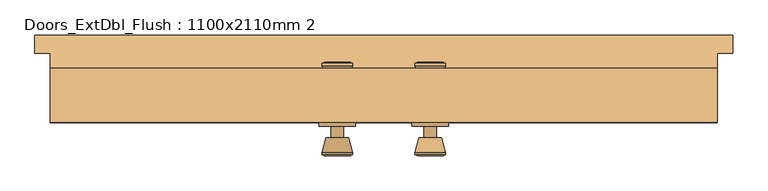
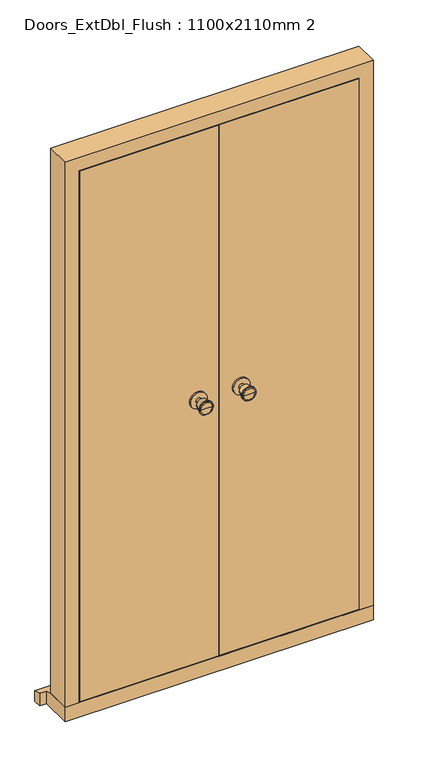
"""IFC4 building model written with IfcOpenShell, lengths in millimetres: door geometry, Doors_ExtDbl_Flush : 1100x2110mm 2."""

from ifc_helpers import new_model, si_unit, point, frame, frame_2d, origin, place, context, project, spatial, polyline, circle_curve, trimmed, segment, composite_curve, outline, extrude, faceted_brep, source, transform, mapped, element, save
from ifc_brep_helpers import plane_surface, cylinder_surface, revolved_surface, advanced_brep


def doors_extdbl_flush_1100x2110mm_2_03fd193e(model_context):
    return source(origin(), model_context, "Body", "SolidModel", [
        advanced_brep(
        [(-76.5, -62.5, 1050.0), (-66.5, -62.5, 1050.0), (-86.5, -62.5, 1050.0), (-96.9758676, -111.5, 1050.0), (-56.0241324, -111.5, 1050.0), (-76.5, -111.5, 1050.0), (-101.5, -109.6721319, 1050.0), (-51.5, -109.6721319, 1050.0), (-101.5, -106.2084537, 1050.0), (-51.5, -106.2084537, 1050.0), (-95.136236, -81.5, 1050.0), (-57.863764, -81.5, 1050.0), (-86.5, -81.5, 1050.0), (-66.5, -81.5, 1050.0)],
        [
            (0, 1),
            (1, 2, circle_curve(frame((-76.5, -62.5, 1050.0), z_axis=(0.0, 1.0, 0.0), x_axis=(1.0, 0.0, 0.0)), 10.0)),
            (2, 0),
            (2, 1, circle_curve(frame((-76.5, -62.5, 1050.0), z_axis=(0.0, 1.0, 0.0), x_axis=(1.0, 0.0, 0.0)), 10.0)),
            (3, 4, circle_curve(frame((-76.5, -111.5, 1050.0), z_axis=(0.0, -1.0, 0.0), x_axis=(1.0, 0.0, 0.0)), 20.4758676)),
            (4, 5),
            (5, 3),
            (4, 3, circle_curve(frame((-76.5, -111.5, 1050.0), z_axis=(0.0, -1.0, 0.0), x_axis=(1.0, 0.0, 0.0)), 20.4758676)),
            (6, 7, circle_curve(frame((-76.5, -109.6721319, 1050.0), z_axis=(0.0, -1.0, 0.0), x_axis=(1.0, 0.0, 0.0)), 25.0)),
            (7, 4),
            (3, 6),
            (7, 6, circle_curve(frame((-76.5, -109.6721319, 1050.0), z_axis=(0.0, -1.0, 0.0), x_axis=(1.0, 0.0, 0.0)), 25.0)),
            (8, 9, circle_curve(frame((-76.5, -106.2084537, 1050.0), z_axis=(0.0, -1.0, 0.0), x_axis=(1.0, 0.0, 0.0)), 25.0)),
            (9, 7),
            (6, 8),
            (9, 8, circle_curve(frame((-76.5, -106.2084537, 1050.0), z_axis=(0.0, -1.0, 0.0), x_axis=(1.0, 0.0, 0.0)), 25.0)),
            (10, 11, circle_curve(frame((-76.5, -81.5, 1050.0), z_axis=(0.0, -1.0, 0.0), x_axis=(1.0, 0.0, 0.0)), 18.636236)),
            (11, 9),
            (8, 10),
            (11, 10, circle_curve(frame((-76.5, -81.5, 1050.0), z_axis=(0.0, -1.0, 0.0), x_axis=(1.0, 0.0, 0.0)), 18.636236)),
            (12, 13, circle_curve(frame((-76.5, -81.5, 1050.0), z_axis=(0.0, -1.0, 0.0), x_axis=(1.0, 0.0, 0.0)), 10.0)),
            (13, 11),
            (10, 12),
            (13, 12, circle_curve(frame((-76.5, -81.5, 1050.0), z_axis=(0.0, -1.0, 0.0), x_axis=(1.0, 0.0, 0.0)), 10.0)),
            (1, 13),
            (12, 2),
        ],
        [
            plane_surface(frame((-76.5, -62.5, 1050.0), z_axis=(0.0, 1.0, 0.0), x_axis=(1.0, 0.0, 0.0))),
            plane_surface(frame((-76.5, -111.5, 1050.0), z_axis=(0.0, -1.0, 0.0), x_axis=(1.0, 0.0, 0.0))),
            revolved_surface(polyline([(-56.0241324, -111.5, 1050.0), (-51.5, -109.6721319, 1050.0)]), (-76.5, -62.5, 1050.0), (0.0, 1.0, 0.0)),
            cylinder_surface(frame((-76.5, -62.5, 1050.0), z_axis=(0.0, 1.0, 0.0), x_axis=(1.0, 0.0, 0.0)), 25.0),
            revolved_surface(polyline([(-51.5, -106.2084537, 1050.0), (-57.863764, -81.5, 1050.0)]), (-76.5, -62.5, 1050.0), (0.0, 1.0, 0.0)),
            plane_surface(frame((-76.5, -81.5, 1050.0), z_axis=(0.0, 1.0, 0.0), x_axis=(1.0, 0.0, 0.0))),
            cylinder_surface(frame((-76.5, -62.5, 1050.0), z_axis=(0.0, 1.0, 0.0), x_axis=(1.0, 0.0, 0.0)), 10.0),
        ],
        [
            (0, [[1, 2, 3]]),
            (0, [[-3, 4, -1]]),
            (1, [[5, 6, 7]]),
            (1, [[8, -7, -6]]),
            (2, [[9, 10, -5, 11]]),
            (2, [[12, -11, -8, -10]]),
            (3, [[13, 14, -9, 15]]),
            (3, [[16, -15, -12, -14]]),
            (4, [[17, 18, -13, 19]]),
            (4, [[20, -19, -16, -18]]),
            (5, [[21, 22, -17, 23]]),
            (5, [[24, -23, -20, -22]]),
            (6, [[-2, 25, -21, 26]]),
            (6, [[-4, -26, -24, -25]]),
        ],
    ),
        extrude(outline(composite_curve([segment(trimmed(circle_curve(frame_2d((1050.0, -76.5)), 30.0), [point((1050.0, -46.5))], [point((1050.0, -106.5))], False, "CARTESIAN"), True, "CONTINUOUS"), segment(trimmed(circle_curve(frame_2d((1050.0, -76.5)), 30.0), [point((1050.0, -106.5))], [point((1050.0, -46.5))], False, "CARTESIAN"), True, "CONTINUOUS")], self_intersect=False)), frame((0.0, -62.5, 0.0), z_axis=(0.0, 1.0, 0.0), x_axis=(0.0, 0.0, 1.0)), (0.0, 0.0, 1.0), 6.0),
        advanced_brep(
        [(-76.5, -6.5, 1050.0), (-86.5, -6.5, 1050.0), (-66.5, -6.5, 1050.0), (-96.9758676, 42.5, 1050.0), (-76.5, 42.5, 1050.0), (-56.0241324, 42.5, 1050.0), (-101.5, 40.6721319, 1050.0), (-51.5, 40.6721319, 1050.0), (-101.5, 37.2084537, 1050.0), (-51.5, 37.2084537, 1050.0), (-95.136236, 12.5, 1050.0), (-57.863764, 12.5, 1050.0), (-86.5, 12.5, 1050.0), (-66.5, 12.5, 1050.0)],
        [
            (0, 1),
            (1, 2, circle_curve(frame((-76.5, -6.5, 1050.0), z_axis=(0.0, -1.0, 0.0), x_axis=(1.0, 0.0, 0.0)), 10.0)),
            (2, 0),
            (2, 1, circle_curve(frame((-76.5, -6.5, 1050.0), z_axis=(0.0, -1.0, 0.0), x_axis=(1.0, 0.0, 0.0)), 10.0)),
            (3, 4),
            (4, 5),
            (5, 3, circle_curve(frame((-76.5, 42.5, 1050.0), z_axis=(0.0, 1.0, 0.0), x_axis=(1.0, 0.0, 0.0)), 20.4758676)),
            (3, 5, circle_curve(frame((-76.5, 42.5, 1050.0), z_axis=(0.0, 1.0, 0.0), x_axis=(1.0, 0.0, 0.0)), 20.4758676)),
            (6, 3),
            (5, 7),
            (7, 6, circle_curve(frame((-76.5, 40.6721319, 1050.0), z_axis=(0.0, 1.0, 0.0), x_axis=(1.0, 0.0, 0.0)), 25.0)),
            (6, 7, circle_curve(frame((-76.5, 40.6721319, 1050.0), z_axis=(0.0, 1.0, 0.0), x_axis=(1.0, 0.0, 0.0)), 25.0)),
            (8, 6),
            (7, 9),
            (9, 8, circle_curve(frame((-76.5, 37.2084537, 1050.0), z_axis=(0.0, 1.0, 0.0), x_axis=(1.0, 0.0, 0.0)), 25.0)),
            (8, 9, circle_curve(frame((-76.5, 37.2084537, 1050.0), z_axis=(0.0, 1.0, 0.0), x_axis=(1.0, 0.0, 0.0)), 25.0)),
            (10, 8),
            (9, 11),
            (11, 10, circle_curve(frame((-76.5, 12.5, 1050.0), z_axis=(0.0, 1.0, 0.0), x_axis=(1.0, 0.0, 0.0)), 18.636236)),
            (10, 11, circle_curve(frame((-76.5, 12.5, 1050.0), z_axis=(0.0, 1.0, 0.0), x_axis=(1.0, 0.0, 0.0)), 18.636236)),
            (12, 10),
            (11, 13),
            (13, 12, circle_curve(frame((-76.5, 12.5, 1050.0), z_axis=(0.0, 1.0, 0.0), x_axis=(1.0, 0.0, 0.0)), 10.0)),
            (12, 13, circle_curve(frame((-76.5, 12.5, 1050.0), z_axis=(0.0, 1.0, 0.0), x_axis=(1.0, 0.0, 0.0)), 10.0)),
            (1, 12),
            (13, 2),
        ],
        [
            plane_surface(frame((-76.5, -6.5, 1050.0), z_axis=(0.0, -1.0, 0.0), x_axis=(1.0, 0.0, 0.0))),
            plane_surface(frame((-76.5, 42.5, 1050.0), z_axis=(0.0, 1.0, 0.0), x_axis=(1.0, 0.0, 0.0))),
            revolved_surface(polyline([(-56.0241324, 42.5, 1050.0), (-51.5, 40.6721319, 1050.0)]), (-76.5, -6.5, 1050.0), (0.0, -1.0, 0.0)),
            cylinder_surface(frame((-76.5, -6.5, 1050.0), z_axis=(0.0, -1.0, 0.0), x_axis=(1.0, 0.0, 0.0)), 25.0),
            revolved_surface(polyline([(-51.5, 37.2084537, 1050.0), (-57.863764, 12.5, 1050.0)]), (-76.5, -6.5, 1050.0), (0.0, -1.0, 0.0)),
            plane_surface(frame((-76.5, 12.5, 1050.0), z_axis=(0.0, -1.0, 0.0), x_axis=(1.0, 0.0, 0.0))),
            cylinder_surface(frame((-76.5, -6.5, 1050.0), z_axis=(0.0, -1.0, 0.0), x_axis=(1.0, 0.0, 0.0)), 10.0),
        ],
        [
            (0, [[1, 2, 3]]),
            (0, [[-3, 4, -1]]),
            (1, [[5, 6, 7]]),
            (1, [[-6, -5, 8]]),
            (2, [[9, -7, 10, 11]]),
            (2, [[-10, -8, -9, 12]]),
            (3, [[13, -11, 14, 15]]),
            (3, [[-14, -12, -13, 16]]),
            (4, [[17, -15, 18, 19]]),
            (4, [[-18, -16, -17, 20]]),
            (5, [[21, -19, 22, 23]]),
            (5, [[-22, -20, -21, 24]]),
            (6, [[25, -23, 26, -2]]),
            (6, [[-26, -24, -25, -4]]),
        ],
    ),
        extrude(outline(composite_curve([segment(trimmed(circle_curve(frame_2d((1050.0, -76.5)), 30.0), [point((1050.0, -46.5))], [point((1050.0, -106.5))], False, "CARTESIAN"), True, "CONTINUOUS"), segment(trimmed(circle_curve(frame_2d((1050.0, -76.5)), 30.0), [point((1050.0, -106.5))], [point((1050.0, -46.5))], False, "CARTESIAN"), True, "CONTINUOUS")], self_intersect=False)), frame((0.0, -12.5, 0.0), z_axis=(0.0, 1.0, 0.0), x_axis=(0.0, 0.0, 1.0)), (0.0, 0.0, 1.0), 6.0),
        advanced_brep(
        [(76.5, -62.5, 1050.0), (86.5, -62.5, 1050.0), (66.5, -62.5, 1050.0), (96.9758676, -111.5, 1050.0), (76.5, -111.5, 1050.0), (56.0241324, -111.5, 1050.0), (101.5, -109.6721319, 1050.0), (51.5, -109.6721319, 1050.0), (101.5, -106.2084537, 1050.0), (51.5, -106.2084537, 1050.0), (95.136236, -81.5, 1050.0), (57.863764, -81.5, 1050.0), (86.5, -81.5, 1050.0), (66.5, -81.5, 1050.0)],
        [
            (0, 1),
            (1, 2, circle_curve(frame((76.5, -62.5, 1050.0), z_axis=(0.0, 1.0, 0.0), x_axis=(-1.0, 0.0, 0.0)), 10.0)),
            (2, 0),
            (2, 1, circle_curve(frame((76.5, -62.5, 1050.0), z_axis=(0.0, 1.0, 0.0), x_axis=(-1.0, 0.0, 0.0)), 10.0)),
            (3, 4),
            (4, 5),
            (5, 3, circle_curve(frame((76.5, -111.5, 1050.0), z_axis=(0.0, -1.0, 0.0), x_axis=(-1.0, 0.0, 0.0)), 20.4758676)),
            (3, 5, circle_curve(frame((76.5, -111.5, 1050.0), z_axis=(0.0, -1.0, 0.0), x_axis=(-1.0, 0.0, 0.0)), 20.4758676)),
            (6, 3),
            (5, 7),
            (7, 6, circle_curve(frame((76.5, -109.6721319, 1050.0), z_axis=(0.0, -1.0, 0.0), x_axis=(-1.0, 0.0, 0.0)), 25.0)),
            (6, 7, circle_curve(frame((76.5, -109.6721319, 1050.0), z_axis=(0.0, -1.0, 0.0), x_axis=(-1.0, 0.0, 0.0)), 25.0)),
            (8, 6),
            (7, 9),
            (9, 8, circle_curve(frame((76.5, -106.2084537, 1050.0), z_axis=(0.0, -1.0, 0.0), x_axis=(-1.0, 0.0, 0.0)), 25.0)),
            (8, 9, circle_curve(frame((76.5, -106.2084537, 1050.0), z_axis=(0.0, -1.0, 0.0), x_axis=(-1.0, 0.0, 0.0)), 25.0)),
            (10, 8),
            (9, 11),
            (11, 10, circle_curve(frame((76.5, -81.5, 1050.0), z_axis=(0.0, -1.0, 0.0), x_axis=(-1.0, 0.0, 0.0)), 18.636236)),
            (10, 11, circle_curve(frame((76.5, -81.5, 1050.0), z_axis=(0.0, -1.0, 0.0), x_axis=(-1.0, 0.0, 0.0)), 18.636236)),
            (12, 10),
            (11, 13),
            (13, 12, circle_curve(frame((76.5, -81.5, 1050.0), z_axis=(0.0, -1.0, 0.0), x_axis=(-1.0, 0.0, 0.0)), 10.0)),
            (12, 13, circle_curve(frame((76.5, -81.5, 1050.0), z_axis=(0.0, -1.0, 0.0), x_axis=(-1.0, 0.0, 0.0)), 10.0)),
            (1, 12),
            (13, 2),
        ],
        [
            plane_surface(frame((76.5, -62.5, 1050.0), z_axis=(0.0, 1.0, 0.0), x_axis=(-1.0, 0.0, 0.0))),
            plane_surface(frame((76.5, -111.5, 1050.0), z_axis=(0.0, -1.0, 0.0), x_axis=(-1.0, 0.0, 0.0))),
            revolved_surface(polyline([(56.0241324, -111.5, 1050.0), (51.5, -109.6721319, 1050.0)]), (76.5, -62.5, 1050.0), (0.0, 1.0, 0.0)),
            cylinder_surface(frame((76.5, -62.5, 1050.0), z_axis=(0.0, 1.0, 0.0), x_axis=(-1.0, 0.0, 0.0)), 25.0),
            revolved_surface(polyline([(51.5, -106.2084537, 1050.0), (57.863764, -81.5, 1050.0)]), (76.5, -62.5, 1050.0), (0.0, 1.0, 0.0)),
            plane_surface(frame((76.5, -81.5, 1050.0), z_axis=(0.0, 1.0, 0.0), x_axis=(-1.0, 0.0, 0.0))),
            cylinder_surface(frame((76.5, -62.5, 1050.0), z_axis=(0.0, 1.0, 0.0), x_axis=(-1.0, 0.0, 0.0)), 10.0),
        ],
        [
            (0, [[1, 2, 3]]),
            (0, [[-3, 4, -1]]),
            (1, [[5, 6, 7]]),
            (1, [[-6, -5, 8]]),
            (2, [[9, -7, 10, 11]]),
            (2, [[-10, -8, -9, 12]]),
            (3, [[13, -11, 14, 15]]),
            (3, [[-14, -12, -13, 16]]),
            (4, [[17, -15, 18, 19]]),
            (4, [[-18, -16, -17, 20]]),
            (5, [[21, -19, 22, 23]]),
            (5, [[-22, -20, -21, 24]]),
            (6, [[25, -23, 26, -2]]),
            (6, [[-26, -24, -25, -4]]),
        ],
    ),
        extrude(outline(composite_curve([segment(trimmed(circle_curve(frame_2d((1050.0, 76.5)), 30.0), [point((1050.0, 46.5))], [point((1050.0, 106.5))], False, "CARTESIAN"), True, "CONTINUOUS"), segment(trimmed(circle_curve(frame_2d((1050.0, 76.5)), 30.0), [point((1050.0, 106.5))], [point((1050.0, 46.5))], False, "CARTESIAN"), True, "CONTINUOUS")], self_intersect=False)), frame((0.0, -62.5, 0.0), z_axis=(0.0, 1.0, 0.0), x_axis=(0.0, 0.0, 1.0)), (0.0, 0.0, 1.0), 6.0),
        advanced_brep(
        [(76.5, -6.5, 1050.0), (66.5, -6.5, 1050.0), (86.5, -6.5, 1050.0), (96.9758676, 42.5, 1050.0), (56.0241324, 42.5, 1050.0), (76.5, 42.5, 1050.0), (101.5, 40.6721319, 1050.0), (51.5, 40.6721319, 1050.0), (101.5, 37.2084537, 1050.0), (51.5, 37.2084537, 1050.0), (95.136236, 12.5, 1050.0), (57.863764, 12.5, 1050.0), (86.5, 12.5, 1050.0), (66.5, 12.5, 1050.0)],
        [
            (0, 1),
            (1, 2, circle_curve(frame((76.5, -6.5, 1050.0), z_axis=(0.0, -1.0, 0.0), x_axis=(-1.0, 0.0, 0.0)), 10.0)),
            (2, 0),
            (2, 1, circle_curve(frame((76.5, -6.5, 1050.0), z_axis=(0.0, -1.0, 0.0), x_axis=(-1.0, 0.0, 0.0)), 10.0)),
            (3, 4, circle_curve(frame((76.5, 42.5, 1050.0), z_axis=(0.0, 1.0, 0.0), x_axis=(-1.0, 0.0, 0.0)), 20.4758676)),
            (4, 5),
            (5, 3),
            (4, 3, circle_curve(frame((76.5, 42.5, 1050.0), z_axis=(0.0, 1.0, 0.0), x_axis=(-1.0, 0.0, 0.0)), 20.4758676)),
            (6, 7, circle_curve(frame((76.5, 40.6721319, 1050.0), z_axis=(0.0, 1.0, 0.0), x_axis=(-1.0, 0.0, 0.0)), 25.0)),
            (7, 4),
            (3, 6),
            (7, 6, circle_curve(frame((76.5, 40.6721319, 1050.0), z_axis=(0.0, 1.0, 0.0), x_axis=(-1.0, 0.0, 0.0)), 25.0)),
            (8, 9, circle_curve(frame((76.5, 37.2084537, 1050.0), z_axis=(0.0, 1.0, 0.0), x_axis=(-1.0, 0.0, 0.0)), 25.0)),
            (9, 7),
            (6, 8),
            (9, 8, circle_curve(frame((76.5, 37.2084537, 1050.0), z_axis=(0.0, 1.0, 0.0), x_axis=(-1.0, 0.0, 0.0)), 25.0)),
            (10, 11, circle_curve(frame((76.5, 12.5, 1050.0), z_axis=(0.0, 1.0, 0.0), x_axis=(-1.0, 0.0, 0.0)), 18.636236)),
            (11, 9),
            (8, 10),
            (11, 10, circle_curve(frame((76.5, 12.5, 1050.0), z_axis=(0.0, 1.0, 0.0), x_axis=(-1.0, 0.0, 0.0)), 18.636236)),
            (12, 13, circle_curve(frame((76.5, 12.5, 1050.0), z_axis=(0.0, 1.0, 0.0), x_axis=(-1.0, 0.0, 0.0)), 10.0)),
            (13, 11),
            (10, 12),
            (13, 12, circle_curve(frame((76.5, 12.5, 1050.0), z_axis=(0.0, 1.0, 0.0), x_axis=(-1.0, 0.0, 0.0)), 10.0)),
            (1, 13),
            (12, 2),
        ],
        [
            plane_surface(frame((76.5, -6.5, 1050.0), z_axis=(0.0, -1.0, 0.0), x_axis=(-1.0, 0.0, 0.0))),
            plane_surface(frame((76.5, 42.5, 1050.0), z_axis=(0.0, 1.0, 0.0), x_axis=(-1.0, 0.0, 0.0))),
            revolved_surface(polyline([(56.0241324, 42.5, 1050.0), (51.5, 40.6721319, 1050.0)]), (76.5, -6.5, 1050.0), (0.0, -1.0, 0.0)),
            cylinder_surface(frame((76.5, -6.5, 1050.0), z_axis=(0.0, -1.0, 0.0), x_axis=(-1.0, 0.0, 0.0)), 25.0),
            revolved_surface(polyline([(51.5, 37.2084537, 1050.0), (57.863764, 12.5, 1050.0)]), (76.5, -6.5, 1050.0), (0.0, -1.0, 0.0)),
            plane_surface(frame((76.5, 12.5, 1050.0), z_axis=(0.0, -1.0, 0.0), x_axis=(-1.0, 0.0, 0.0))),
            cylinder_surface(frame((76.5, -6.5, 1050.0), z_axis=(0.0, -1.0, 0.0), x_axis=(-1.0, 0.0, 0.0)), 10.0),
        ],
        [
            (0, [[1, 2, 3]]),
            (0, [[-3, 4, -1]]),
            (1, [[5, 6, 7]]),
            (1, [[8, -7, -6]]),
            (2, [[9, 10, -5, 11]]),
            (2, [[12, -11, -8, -10]]),
            (3, [[13, 14, -9, 15]]),
            (3, [[16, -15, -12, -14]]),
            (4, [[17, 18, -13, 19]]),
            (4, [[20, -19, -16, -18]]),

Work task: Check each line of the listing above, and copy it if it contains the word "from".

Answer space:
from ifc_helpers import new_model, si_unit, point, frame, frame_2d, origin, place, context, project, spatial, polyline, circle_curve, trimmed, segment, composite_curve, outline, extrude, faceted_brep, source, transform, mapped, element, save
from ifc_brep_helpers import plane_surface, cylinder_surface, revolved_surface, advanced_brep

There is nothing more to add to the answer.